Given Duke’s regulated business model, executive pay is likely anchored to regulated financial and operational metrics rather than purely growth metrics: adjusted EPS, authorized ROE outcomes, operating cash flow, and successful rate-case/rider recoveries are primary financial performance drivers. Short- and long‑term incentive plans commonly include performance share units and cash bonuses tied to adjusted EPS, ROE, TSR and project delivery milestones (e.g., capital project on‑time/on‑budget, reliability and safety KPIs such as TICR), plus metrics for environmental compliance and reliability that affect prudence determinations. The company’s stated dividend policy and a target payout ratio (60–70% of adjusted EPS) make dividend sustainability and cash management important compensation considerations; regulatory scrutiny and the need for prudence determinations also favor conservative pay design, clawbacks and multi‑year vesting. Large, multi‑year capital programs and securitizations mean compensation may factor in milestone-based vesting tied to regulatory approvals, successful cost recovery, and capital‑execution efficiency.

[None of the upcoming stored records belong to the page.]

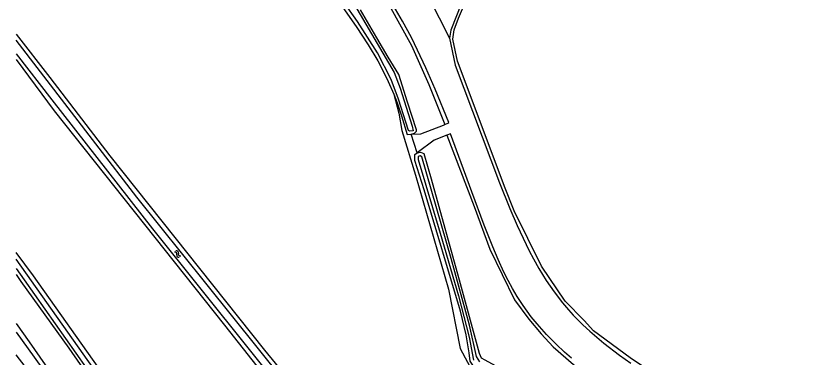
# Model space of a CAD drawing. Extents: x 128999 to 131010, y 395498 to 399007.
# Drawn here: x 129000 to 129173.8, y 398294.6 to 398368.5 of the extents above; entities that cross this region are included whole.
import ezdxf

# ---------------------------------------------------------------- set-up
doc = ezdxf.new("R2010")
doc.units = 0
for name, color, linetype in [('gg-knt-bronhoudergrens', 7, 'Continuous'), ('gg-knt-onverhard', 7, 'Continuous'), ('gg-kntw-bovenkant insteek waterloop', 7, 'Continuous'), ('gg-kntw-waterlijn', 7, 'Continuous'), ('gt-grn-groengrens', 7, 'Continuous'), ('gt-grn-weggrens', 7, 'Continuous'), ('gt-symb-watersymbool', 7, 'Continuous')]:
    doc.layers.add(name, color=color, linetype=linetype)

# ---------------------------------------------------------------- blocks, each defined once
blk = doc.blocks.new('gt0-WA')
at = {"layer": 'gt-symb-watersymbool'}
for centre, start, end in [((-0.32, 0.02), 28.0725, 151.9275), ((0.43, 0.42), 208.0725, 331.9275), ((-0.32, -0.43), 28.0725, 151.9275), ((0.43, -0.03), 208.0725, 331.9275)]:
    blk.add_arc(centre, 0.425, start, end, dxfattribs=at)

msp = doc.modelspace()

# ---------------------------------------------------------------- linework, layer by layer
at = {"layer": 'gg-knt-bronhoudergrens'}
msp.add_lwpolyline([(129081.55, 398351.58), (129082.66, 398347.48), (129083.32, 398343.77), (129086.23, 398334.12), (129093.38, 398309.51), (129095.89, 398296.68), (129099.07, 398290.72)], dxfattribs=at)
at = {"layer": 'gg-knt-onverhard'}
for points in [[(129134.28, 398447.43), (129106.88, 398391.61), (129100.94, 398380.21), (129096.2, 398371.26), (129093.89, 398365.43), (129093.6, 398363.71)], [(129092.57, 398345.02), (129093.25, 398345.35), (129093.42, 398345.5), (129090.46, 398352.68), (129088.48, 398357.28), (129086.7, 398361.15), (129085.36, 398363.84), (129083.46, 398367.38), (129081.94, 398369.97), (129081.71, 398370.33)], [(129093.6, 398363.71), (129094.82, 398357.87), (129104.37, 398332.46), (129106.63, 398326.89), (129108.2, 398323.2), (129109.45, 398320.47), (129110.77, 398317.78), (129111.7, 398316.01), (129112.87, 398313.94), (129114.45, 398311.38), (129116.15, 398308.9), (129117.98, 398306.51), (129119.27, 398304.98), (129120.27, 398303.88), (129122.38, 398301.74), (129123.85, 398300.38), (129125.36, 398299.07), (129126.91, 398297.8), (129130.31, 398295.23), (129132.76, 398293.5)], [(129085.29, 398342.93), (129087.39, 398343.01), (129092.32, 398344.9), (129092.57, 398345.02)], [(129093.03, 398342.76), (129090.26, 398341.65), (129086.62, 398338.92)], [(129119.9, 398294.55), (129118.4, 398295.87), (129116.6, 398297.56), (129114.5, 398299.71), (129112.5, 398301.97), (129111.24, 398303.53), (129109.47, 398305.96), (129108.21, 398307.89), (129107.19, 398309.61), (129106.24, 398311.36), (129105.34, 398313.15), (129104.08, 398315.88), (129102.91, 398318.65), (129101.08, 398323.33), (129098.4, 398330.47), (129093.81, 398343.07), (129093.03, 398342.76)], [(129000, 398300.22), (129008.14, 398288.85)], [(129006.32, 398287.06), (129000, 398295.28)]]:
    msp.add_lwpolyline(points, dxfattribs=at)
at = {"layer": 'gg-kntw-bovenkant insteek waterloop'}
for points in [[(129012.14, 398403.41), (129013.11, 398403.28), (129019.83, 398401.33), (129028.03, 398398.82), (129032.77, 398397.23), (129035.58, 398396.18), (129037.44, 398395.45), (129039.96, 398394.37), (129043.58, 398392.64), (129047.11, 398390.74), (129050.54, 398388.67), (129052.21, 398387.56), (129053.85, 398386.42), (129056.88, 398384.14), (129058.44, 398382.89), (129060.74, 398380.96), (129066.39, 398375.94), (129070.56, 398370.33), (129073.44, 398366.24), (129076.05, 398362.25), (129078.08, 398358.79), (129079.49, 398356.13), (129080.36, 398354.33), (129081.55, 398351.58)], [(129085.29, 398342.93), (129086.01, 398343.15), (129086.44, 398343.63), (129086.42, 398343.92), (129084.51, 398349.87), (129082.61, 398355.83), (129080.37, 398359.62), (129077.91, 398363.8), (129074.34, 398369.84)], [(129000, 398364.55), (129007.32, 398355.19), (129020.27, 398338.3), (129053.67, 398296.3), (129064.21, 398283.42)], [(129000, 398359.1), (129008.23, 398348.02), (129044.97, 398301.73), (129058.99, 398283.95), (129070.39, 398269.93)], [(129081.55, 398351.58), (129082.25, 398349.75), (129083.21, 398346.91), (129084.44, 398342.88), (129085.29, 398342.93)], [(129229.9, 398219.89), (129211.29, 398234.64), (129204.45, 398239.39), (129198.53, 398242.32), (129192.87, 398244.47), (129184.33, 398247.29), (129179.38, 398249.2), (129174.63, 398251.47), (129166.61, 398255.97), (129151.01, 398264.38), (129132.18, 398274.36), (129113.7, 398284.29), (129103.99, 398289.38), (129099.85, 398291.96), (129098.59, 398293.08), (129098.02, 398293.9), (129097.8, 398295.7), (129097.21, 398299.59), (129095.93, 398304.69), (129088.09, 398330.93), (129086.1, 398337.3), (129086.07, 398338.6), (129086.62, 398338.92)], [(129086.62, 398338.92), (129087.29, 398339.08), (129088.05, 398338.78), (129089.59, 398333.3), (129095.91, 398310.72), (129100.02, 398295.67), (129100.42, 398294.61), (129101.22, 398294.18), (129103.42, 398292.97), (129138.39, 398273.8), (129159.18, 398262.41), (129176.35, 398252.99), (129180.99, 398250.78), (129187.32, 398248.73), (129193.77, 398246.52), (129196.8, 398245.34), (129202.21, 398242.55), (129212.69, 398235.98), (129231.58, 398221.79), (129229.9, 398219.89)], [(129058.89, 398222.79), (129060.54, 398223.8), (129048.37, 398250.06), (129047.99, 398251.78), (129041.03, 398260.92), (129018.91, 398290.89), (129003.74, 398312.32), (129000, 398317.39)], [(129000, 398312.65), (129001.03, 398311.1), (129011.37, 398296.73), (129029.01, 398271.32), (129037.72, 398260.2), (129042.58, 398254.36), (129045.98, 398249.06), (129058.89, 398222.79)]]:
    msp.add_lwpolyline(points, dxfattribs=at)
at = {"layer": 'gg-kntw-waterlijn'}
for points in [[(129073.05, 398370.91), (129081.64, 398356.26), (129082.91, 398352.89), (129085.53, 398344.68), (129085.73, 398343.65), (129085.04, 398343.6), (129084.7, 398343.76), (129082.58, 398350.51), (129080.95, 398354.77), (129078.02, 398360.55), (129073.71, 398367.32), (129070.79, 398371.48)], [(129000, 398360.33), (129007.75, 398350.39), (129029.48, 398322.48), (129050.32, 398296.44), (129071.51, 398269.96), (129072.82, 398268.95), (129073.64, 398269.26), (129074.13, 398270.1), (129071.66, 398272.92), (129057.87, 398289.69), (129040.97, 398310.77), (129026.05, 398329.37), (129017.24, 398340.85), (129000, 398363.29)], [(129100.15, 398293.74), (129099.39, 398294.96), (129097.89, 398301.68), (129093.92, 398316.07), (129087.61, 398338.07), (129087.26, 398338.29), (129086.84, 398338.16), (129086.82, 398337.5)], [(129086.82, 398337.5), (129091.53, 398321.54), (129095.52, 398308.01), (129097.81, 398299.1), (129098.75, 398294.17)], [(129000, 398313.97), (129001.73, 398311.51), (129015.11, 398292.51), (129029.07, 398272.7), (129044.84, 398252.62), (129046.92, 398249.1), (129058.76, 398224.12), (129059.42, 398223.94), (129059.73, 398224.71), (129056.75, 398231.08), (129049.15, 398247), (129047, 398251.88), (129045.47, 398254), (129031.35, 398272.24), (129017.76, 398290.82), (129000.05, 398315.93), (129000, 398315.99)]]:
    msp.add_lwpolyline(points, dxfattribs=at)
at = {"layer": 'gt-grn-groengrens'}
msp.add_line((129086.62, 398338.92), (129085.29, 398342.93), dxfattribs=at)
for points in [[(129140.86, 398289.11), (129132.56, 398294.63), (129124.65, 398300.5), (129122.63, 398302.7), (129118.54, 398306.91), (129113.47, 398314.47), (129107.56, 398326.38), (129105.49, 398331.64), (129097.86, 398352.03), (129095.29, 398358.74), (129094.31, 398363.52), (129094.59, 398365.5), (129095.52, 398368), (129096.81, 398371.08), (129100.04, 398377.12), (129112.42, 398401.13), (129116.55, 398409.39), (129137.65, 398452.57), (129148.76, 398475.16)], [(129000, 398415.07), (129018.35, 398409.83), (129032.97, 398404.65), (129041.03, 398401.35), (129045.11, 398399.7), (129056.68, 398393.48), (129062.45, 398389.59), (129067.17, 398385.96), (129074.13, 398379.25), (129080.54, 398370.81), (129085.35, 398362.11), (129089.1, 398353.7), (129092.57, 398345.02)], [(129093.03, 398342.76), (129098.89, 398327.36), (129102.27, 398318.14), (129107.63, 398307.18), (129110.7, 398303.01), (129113.36, 398299.8), (129115.97, 398297.01), (129120.35, 398293.18), (129126.54, 398288.36), (129132.45, 398284.61), (129139.09, 398280.62), (129143.08, 398278.51), (129162.3, 398268.09), (129175.58, 398260.94), (129181.26, 398257.96), (129195.89, 398250.1), (129199.6, 398248.04), (129204.05, 398245.42), (129213.3, 398239.83), (129228.49, 398230.32), (129235.07, 398225.39)], [(129000, 398302.09), (129002.81, 398298.11), (129007.4, 398291.49)]]:
    msp.add_lwpolyline(points, dxfattribs=at)
at = {"layer": 'gt-grn-weggrens'}
msp.add_line((129088.51, 398373.78), (129093.6, 398363.71), dxfattribs=at)

# ---------------------------------------------------------------- block references
at = {"layer": 'gt-symb-watersymbool', "rotation": -45.81035302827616}
msp.add_blockref('gt0-WA', (129034.84, 398317.1), dxfattribs=at)

doc.saveas('drawing.dxf')
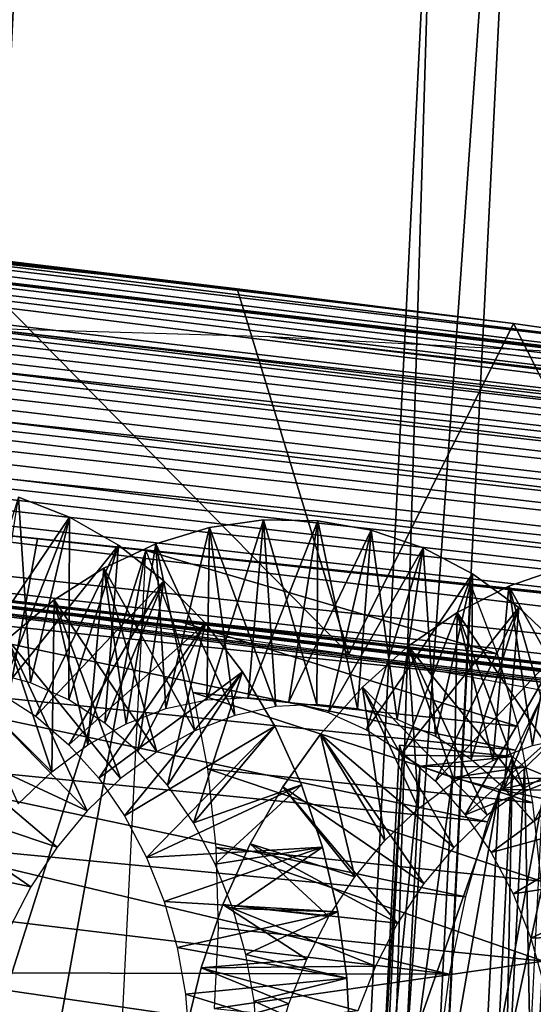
# Model space of a CAD drawing. Header units: millimetres. Extents: x -99 to 221, y -61 to 39.
# Tile 635 of 656: x 198.2 to 200.17, y 27.6 to 31.38. Entities that reach past the tile are written whole.
import ezdxf

# ---------------------------------------------------------------- set-up
doc = ezdxf.new("R2010")
doc.units = ezdxf.units.MM
doc.header["$LTSCALE"] = 33.374815
for name, color, linetype in [('101', 7, 'CONTINUOUS'), ('102', 7, 'CONTINUOUS'), ('103', 7, 'CONTINUOUS'), ('104', 7, 'CONTINUOUS'), ('112', 7, 'CONTINUOUS'), ('113', 7, 'CONTINUOUS'), ('114', 7, 'CONTINUOUS'), ('33', 7, 'CONTINUOUS'), ('34', 7, 'CONTINUOUS'), ('49', 7, 'CONTINUOUS'), ('72', 7, 'CONTINUOUS'), ('73', 7, 'CONTINUOUS'), ('93', 7, 'CONTINUOUS'), ('94', 7, 'CONTINUOUS'), ('98', 7, 'CONTINUOUS')]:
    doc.layers.add(name, color=color, linetype=linetype)

msp = doc.modelspace()

# ---------------------------------------------------------------- linework, layer by layer
at = {"layer": '101', "color": 7, "linetype": 'CONTINUOUS'}
for points in [[(199.6586, 28.5929, -225.7028), (200.0926, 28.5495, -226.1368), (199.67, 28.5539, -226.4726), (199.6586, 28.5929, -225.7028)], [(199.67, 28.5539, -226.4726), (200.0926, 28.5495, -226.1368), (199.738, 28.5122, -227.2392), (199.67, 28.5539, -226.4726)], [(200.0926, 28.5495, -226.1368), (200.1387, 28.5084, -226.9129), (199.738, 28.5122, -227.2392), (200.0926, 28.5495, -226.1368)], [(199.738, 28.5122, -227.2392), (200.1387, 28.5084, -226.9129), (199.8622, 28.468, -227.9987), (199.738, 28.5122, -227.2392)], [(200.1387, 28.5084, -226.9129), (200.2447, 28.4647, -227.6829), (199.8622, 28.468, -227.9987), (200.1387, 28.5084, -226.9129)], [(199.8622, 28.468, -227.9987), (200.2447, 28.4647, -227.6829), (200.0418, 28.4216, -228.7468), (199.8622, 28.468, -227.9987)], [(200.2447, 28.4647, -227.6829), (200.4101, 28.4184, -228.4423), (200.0418, 28.4216, -228.7468), (200.2447, 28.4647, -227.6829)], [(200.0418, 28.4216, -228.7468), (200.4101, 28.4184, -228.4423), (200.2761, 28.3733, -229.4795), (200.0418, 28.4216, -228.7468)]]:
    msp.add_3dface(points, dxfattribs=at)
at = {"layer": '102', "color": 7, "linetype": 'CONTINUOUS'}
for points in [[(199.5838, 27.0966, -225.628), (199.6586, 28.5929, -225.7028), (199.67, 28.5539, -226.4726), (199.5838, 27.0966, -225.628)], [(199.5952, 27.0576, -226.3978), (199.5838, 27.0966, -225.628), (199.67, 28.5539, -226.4726), (199.5952, 27.0576, -226.3978)], [(199.5952, 27.0576, -226.3978), (199.67, 28.5539, -226.4726), (199.738, 28.5122, -227.2392), (199.5952, 27.0576, -226.3978)], [(199.6632, 27.0159, -227.1645), (199.5952, 27.0576, -226.3978), (199.738, 28.5122, -227.2392), (199.6632, 27.0159, -227.1645)], [(199.6632, 27.0159, -227.1645), (199.738, 28.5122, -227.2392), (199.8622, 28.468, -227.9987), (199.6632, 27.0159, -227.1645)], [(199.7874, 26.9717, -227.9239), (199.6632, 27.0159, -227.1645), (199.8622, 28.468, -227.9987), (199.7874, 26.9717, -227.9239)], [(199.7874, 26.9717, -227.9239), (199.8622, 28.468, -227.9987), (200.0418, 28.4216, -228.7468), (199.7874, 26.9717, -227.9239)], [(199.9671, 26.9254, -228.672), (199.7874, 26.9717, -227.9239), (200.0418, 28.4216, -228.7468), (199.9671, 26.9254, -228.672)], [(199.9671, 26.9254, -228.672), (200.0418, 28.4216, -228.7468), (200.2761, 28.3733, -229.4795), (199.9671, 26.9254, -228.672)], [(200.2013, 26.877, -229.4047), (199.9671, 26.9254, -228.672), (200.2761, 28.3733, -229.4795), (200.2013, 26.877, -229.4047)]]:
    msp.add_3dface(points, dxfattribs=at)
at = {"layer": '103', "color": 7, "linetype": 'CONTINUOUS'}
for points in [[(199.5838, 27.0966, -225.628), (200.0926, 28.5495, -226.1368), (199.6586, 28.5929, -225.7028), (199.5838, 27.0966, -225.628)], [(199.5838, 27.0966, -225.628), (200.0179, 27.0533, -226.062), (200.0926, 28.5495, -226.1368), (199.5838, 27.0966, -225.628)]]:
    msp.add_3dface(points, dxfattribs=at)
at = {"layer": '104', "color": 7, "linetype": 'CONTINUOUS'}
for points in [[(200.0179, 27.0533, -226.062), (200.0639, 27.0122, -226.8381), (200.0926, 28.5495, -226.1368), (200.0179, 27.0533, -226.062)], [(200.0639, 27.0122, -226.8381), (200.1387, 28.5084, -226.9129), (200.0926, 28.5495, -226.1368), (200.0639, 27.0122, -226.8381)], [(200.0639, 27.0122, -226.8381), (200.1699, 26.9684, -227.6081), (200.1387, 28.5084, -226.9129), (200.0639, 27.0122, -226.8381)], [(200.1699, 26.9684, -227.6081), (200.2447, 28.4647, -227.6829), (200.1387, 28.5084, -226.9129), (200.1699, 26.9684, -227.6081)], [(200.1699, 26.9684, -227.6081), (200.3353, 26.9222, -228.3675), (200.2447, 28.4647, -227.6829), (200.1699, 26.9684, -227.6081)]]:
    msp.add_3dface(points, dxfattribs=at)
at = {"layer": '112', "color": 7, "linetype": 'CONTINUOUS'}
for points in [[(200.351, 29.1617, -230.6737), (199.9335, 29.2066, -230.2443), (199.7737, 26.01, -230.0845), (200.351, 29.1617, -230.6737)], [(200.7678, 29.1168, -231.1023), (200.351, 29.1617, -230.6737), (199.7737, 26.01, -230.0845), (200.7678, 29.1168, -231.1023)], [(199.7737, 26.01, -230.0845), (200.1915, 25.9703, -230.5142), (200.7678, 29.1168, -231.1023), (199.7737, 26.01, -230.0845)]]:
    msp.add_3dface(points, dxfattribs=at)
at = {"layer": '113', "color": 7, "linetype": 'CONTINUOUS'}
for points in [[(198.2652, 29.3862, -228.5286), (197.8477, 29.4311, -228.0993), (197.6866, 26.2085, -227.9382), (198.2652, 29.3862, -228.5286)], [(198.682, 29.3413, -228.9573), (198.2652, 29.3862, -228.5286), (197.6866, 26.2085, -227.9382), (198.682, 29.3413, -228.9573)], [(197.6866, 26.2085, -227.9382), (198.1044, 26.1688, -228.3678), (198.682, 29.3413, -228.9573), (197.6866, 26.2085, -227.9382)], [(198.5215, 26.1291, -228.7967), (198.682, 29.3413, -228.9573), (198.1044, 26.1688, -228.3678), (198.5215, 26.1291, -228.7967)]]:
    msp.add_3dface(points, dxfattribs=at)
at = {"layer": '114', "color": 7, "linetype": 'CONTINUOUS'}
msp.add_3dface([(200.5038, 25.6397, -237.2576), (200.0741, 25.6794, -236.8397), (200.2317, 28.8322, -236.9973), (200.5038, 25.6397, -237.2576)], dxfattribs=at)
at = {"layer": '33', "color": 7, "linetype": 'CONTINUOUS'}
for points in [[(198.4073, 36.1419, -212.6153), (194.9749, 2.5358, -212.6885), (196.5407, 36.8338, -214.551), (198.4073, 36.1419, -212.6153)], [(198.4073, 36.1419, -212.6153), (193.6646, -58.7521, -207.8727), (194.2771, -22.8143, -210.8524), (198.4073, 36.1419, -212.6153)], [(200.2358, 35.3009, -210.7027), (193.6646, -58.7521, -207.8727), (198.4073, 36.1419, -212.6153), (200.2358, 35.3009, -210.7027)], [(194.2771, -22.8143, -210.8524), (195.4275, 0.2041, -212.0029), (198.4073, 36.1419, -212.6153), (194.2771, -22.8143, -210.8524)], [(195.1232, 2.1895, -212.5057), (194.9749, 2.5358, -212.6885), (198.4073, 36.1419, -212.6153), (195.1232, 2.1895, -212.5057)], [(195.2437, 1.8207, -212.3482), (195.1232, 2.1895, -212.5057), (198.4073, 36.1419, -212.6153), (195.2437, 1.8207, -212.3482)], [(195.3353, 1.4335, -212.218), (195.2437, 1.8207, -212.3482), (198.4073, 36.1419, -212.6153), (195.3353, 1.4335, -212.218)], [(195.3968, 1.032, -212.1163), (195.3353, 1.4335, -212.218), (198.4073, 36.1419, -212.6153), (195.3968, 1.032, -212.1163)], [(195.4277, 0.6208, -212.0443), (195.3968, 1.032, -212.1163), (198.4073, 36.1419, -212.6153), (195.4277, 0.6208, -212.0443)], [(195.4275, 0.2041, -212.0029), (195.4277, 0.6208, -212.0443), (198.4073, 36.1419, -212.6153), (195.4275, 0.2041, -212.0029)], [(195.5772, -57.9111, -206.0442), (193.6646, -58.7521, -207.8727), (200.2358, 35.3009, -210.7027), (195.5772, -57.9111, -206.0442)], [(202.0207, 34.3131, -208.819), (195.5772, -57.9111, -206.0442), (200.2358, 35.3009, -210.7027), (202.0207, 34.3131, -208.819)], [(197.4609, -56.9233, -204.2592), (195.5772, -57.9111, -206.0442), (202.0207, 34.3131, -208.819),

Insider trading at Duke will be heavily influenced by regulatory and event-driven information: material nonpublic items include rate-case outcomes, FERC/CFIUS/NRC approvals (e.g., the Florida minority investment), storm recovery and securitization decisions, and major dispositions (Piedmont sale), all of which can move the stock. Standard controls — pre‑clearance policies, Form 4/Section 16 reporting, blackout windows around earnings, and 10b5‑1 trading plans — are especially important given frequent regulatory filings and long lead times on capital projects; insiders typically trade in planned windows or under 10b5‑1 plans rather than opportunistically. Expect clustered disclosures of insider selling shortly after public approvals, earnings releases or completed transactions, and restrained trading during active rate cases, storm restoration periods, or other material regulatory negotiations. Regulatory scrutiny and the utility’s reliance on prudence determinations increase legal and reputational risk for trades based on nonpublic information, so monitoring timing relative to regulatory events is critical.